RECORDS SHOWN |

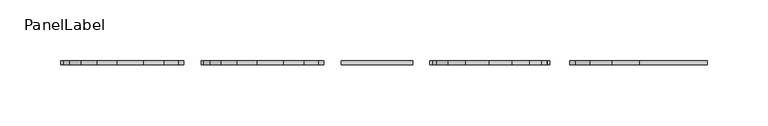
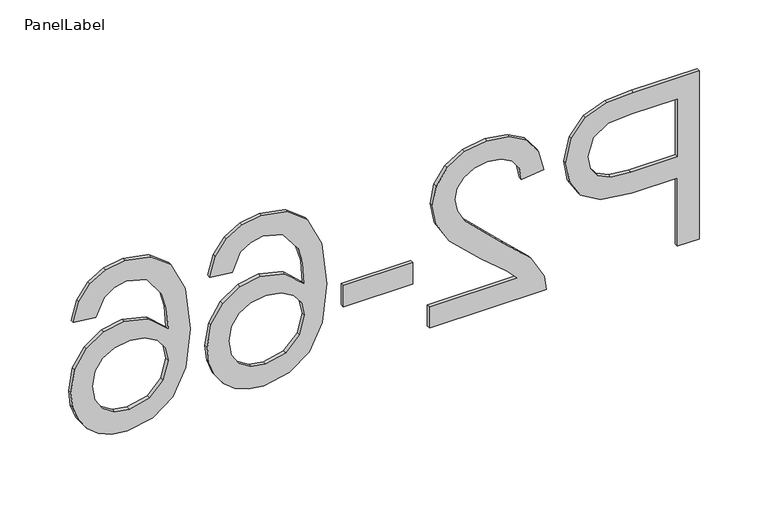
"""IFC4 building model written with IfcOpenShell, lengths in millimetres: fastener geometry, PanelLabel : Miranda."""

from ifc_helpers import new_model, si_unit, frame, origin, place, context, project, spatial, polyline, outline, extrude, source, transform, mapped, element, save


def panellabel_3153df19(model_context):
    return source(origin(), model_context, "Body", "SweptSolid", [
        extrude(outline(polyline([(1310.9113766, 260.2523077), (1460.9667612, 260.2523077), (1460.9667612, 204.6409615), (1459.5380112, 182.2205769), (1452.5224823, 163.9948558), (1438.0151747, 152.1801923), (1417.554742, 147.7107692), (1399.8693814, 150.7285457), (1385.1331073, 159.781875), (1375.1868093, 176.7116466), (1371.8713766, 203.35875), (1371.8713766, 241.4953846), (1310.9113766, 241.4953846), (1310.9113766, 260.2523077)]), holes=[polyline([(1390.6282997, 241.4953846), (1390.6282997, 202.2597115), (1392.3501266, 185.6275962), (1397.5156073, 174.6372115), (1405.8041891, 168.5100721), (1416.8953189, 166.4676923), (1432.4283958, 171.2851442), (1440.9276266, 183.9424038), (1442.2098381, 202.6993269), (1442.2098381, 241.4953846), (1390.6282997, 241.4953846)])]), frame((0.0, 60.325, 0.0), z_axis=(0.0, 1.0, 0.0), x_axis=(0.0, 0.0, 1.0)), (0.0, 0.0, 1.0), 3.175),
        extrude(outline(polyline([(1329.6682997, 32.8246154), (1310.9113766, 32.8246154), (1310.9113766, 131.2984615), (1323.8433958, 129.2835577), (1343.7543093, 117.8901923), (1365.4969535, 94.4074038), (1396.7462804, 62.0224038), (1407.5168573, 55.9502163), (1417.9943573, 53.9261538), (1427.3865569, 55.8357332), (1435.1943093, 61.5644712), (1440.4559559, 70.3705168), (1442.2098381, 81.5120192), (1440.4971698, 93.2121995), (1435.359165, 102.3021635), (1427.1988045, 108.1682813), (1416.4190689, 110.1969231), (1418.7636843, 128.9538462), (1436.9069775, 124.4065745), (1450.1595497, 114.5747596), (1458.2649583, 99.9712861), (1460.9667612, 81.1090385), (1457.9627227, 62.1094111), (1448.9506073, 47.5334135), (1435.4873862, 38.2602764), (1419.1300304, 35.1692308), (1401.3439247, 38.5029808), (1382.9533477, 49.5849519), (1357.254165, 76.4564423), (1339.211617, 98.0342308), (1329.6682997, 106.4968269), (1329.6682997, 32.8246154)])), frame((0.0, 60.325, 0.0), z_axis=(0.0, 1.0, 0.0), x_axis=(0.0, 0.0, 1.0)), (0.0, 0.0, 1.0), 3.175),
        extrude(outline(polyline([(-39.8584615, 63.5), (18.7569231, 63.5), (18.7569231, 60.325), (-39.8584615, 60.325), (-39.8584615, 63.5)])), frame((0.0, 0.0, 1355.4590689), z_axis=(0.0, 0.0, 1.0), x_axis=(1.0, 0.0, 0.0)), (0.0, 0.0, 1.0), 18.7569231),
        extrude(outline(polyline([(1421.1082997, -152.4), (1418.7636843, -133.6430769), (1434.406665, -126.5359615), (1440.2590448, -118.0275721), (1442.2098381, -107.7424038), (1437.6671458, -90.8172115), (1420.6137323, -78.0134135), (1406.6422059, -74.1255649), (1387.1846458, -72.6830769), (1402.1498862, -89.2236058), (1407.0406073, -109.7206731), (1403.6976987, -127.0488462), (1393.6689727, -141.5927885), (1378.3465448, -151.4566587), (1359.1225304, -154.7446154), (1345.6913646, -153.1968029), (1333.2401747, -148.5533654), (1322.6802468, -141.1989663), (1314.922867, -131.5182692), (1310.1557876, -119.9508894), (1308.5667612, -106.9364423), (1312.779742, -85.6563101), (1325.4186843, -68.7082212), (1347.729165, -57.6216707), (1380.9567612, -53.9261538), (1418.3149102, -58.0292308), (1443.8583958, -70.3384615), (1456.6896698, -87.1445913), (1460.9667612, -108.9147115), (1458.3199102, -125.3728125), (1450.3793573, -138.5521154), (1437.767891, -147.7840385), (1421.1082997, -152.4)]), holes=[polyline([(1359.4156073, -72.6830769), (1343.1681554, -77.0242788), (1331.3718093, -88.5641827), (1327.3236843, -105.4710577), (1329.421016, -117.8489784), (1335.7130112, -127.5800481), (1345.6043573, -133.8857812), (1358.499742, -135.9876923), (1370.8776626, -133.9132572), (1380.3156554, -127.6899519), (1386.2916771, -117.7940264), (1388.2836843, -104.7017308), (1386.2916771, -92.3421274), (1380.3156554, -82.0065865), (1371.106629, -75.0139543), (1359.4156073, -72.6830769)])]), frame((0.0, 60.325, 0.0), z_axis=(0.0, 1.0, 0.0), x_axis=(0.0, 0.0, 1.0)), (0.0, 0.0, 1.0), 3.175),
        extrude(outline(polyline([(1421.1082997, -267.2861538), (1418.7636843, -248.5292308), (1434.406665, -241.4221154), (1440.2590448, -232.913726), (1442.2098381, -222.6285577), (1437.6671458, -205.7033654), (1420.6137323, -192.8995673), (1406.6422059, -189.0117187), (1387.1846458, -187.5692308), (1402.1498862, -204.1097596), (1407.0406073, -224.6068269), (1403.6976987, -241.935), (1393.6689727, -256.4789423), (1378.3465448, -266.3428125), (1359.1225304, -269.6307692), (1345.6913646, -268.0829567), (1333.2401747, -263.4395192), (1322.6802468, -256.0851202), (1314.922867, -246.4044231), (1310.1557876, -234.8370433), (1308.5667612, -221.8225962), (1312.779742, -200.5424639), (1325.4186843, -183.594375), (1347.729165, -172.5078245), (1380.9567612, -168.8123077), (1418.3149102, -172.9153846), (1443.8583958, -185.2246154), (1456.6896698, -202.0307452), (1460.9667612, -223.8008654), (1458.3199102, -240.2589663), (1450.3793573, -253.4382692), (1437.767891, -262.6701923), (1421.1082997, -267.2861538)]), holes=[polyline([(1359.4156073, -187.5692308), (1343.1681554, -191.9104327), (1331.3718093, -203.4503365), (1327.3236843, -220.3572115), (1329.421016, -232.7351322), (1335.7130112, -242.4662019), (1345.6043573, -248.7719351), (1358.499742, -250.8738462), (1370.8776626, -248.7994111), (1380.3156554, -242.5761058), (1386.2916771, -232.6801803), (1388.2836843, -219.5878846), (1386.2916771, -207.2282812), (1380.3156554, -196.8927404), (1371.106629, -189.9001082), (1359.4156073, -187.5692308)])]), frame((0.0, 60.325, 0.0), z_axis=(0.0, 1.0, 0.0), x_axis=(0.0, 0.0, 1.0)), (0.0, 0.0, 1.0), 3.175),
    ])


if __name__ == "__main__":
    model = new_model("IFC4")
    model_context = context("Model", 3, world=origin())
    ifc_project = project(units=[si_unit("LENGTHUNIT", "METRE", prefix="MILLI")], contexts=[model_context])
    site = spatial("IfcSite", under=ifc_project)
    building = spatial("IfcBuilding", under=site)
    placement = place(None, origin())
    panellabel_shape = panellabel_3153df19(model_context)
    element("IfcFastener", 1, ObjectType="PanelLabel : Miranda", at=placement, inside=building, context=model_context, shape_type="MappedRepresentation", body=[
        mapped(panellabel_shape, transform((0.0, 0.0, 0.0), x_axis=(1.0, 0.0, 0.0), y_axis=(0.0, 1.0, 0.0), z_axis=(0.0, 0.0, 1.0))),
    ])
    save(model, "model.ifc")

AIM OF THE EXERCISE | Pull out all lines of the data with the string "building".

EXERCISE RESPONSE |
"""IFC4 building model written with IfcOpenShell, lengths in millimetres: fastener geometry, PanelLabel : Miranda."""
    building = spatial("IfcBuilding", under=site)
    element("IfcFastener", 1, ObjectType="PanelLabel : Miranda", at=placement, inside=building, context=model_context, shape_type="MappedRepresentation", body=[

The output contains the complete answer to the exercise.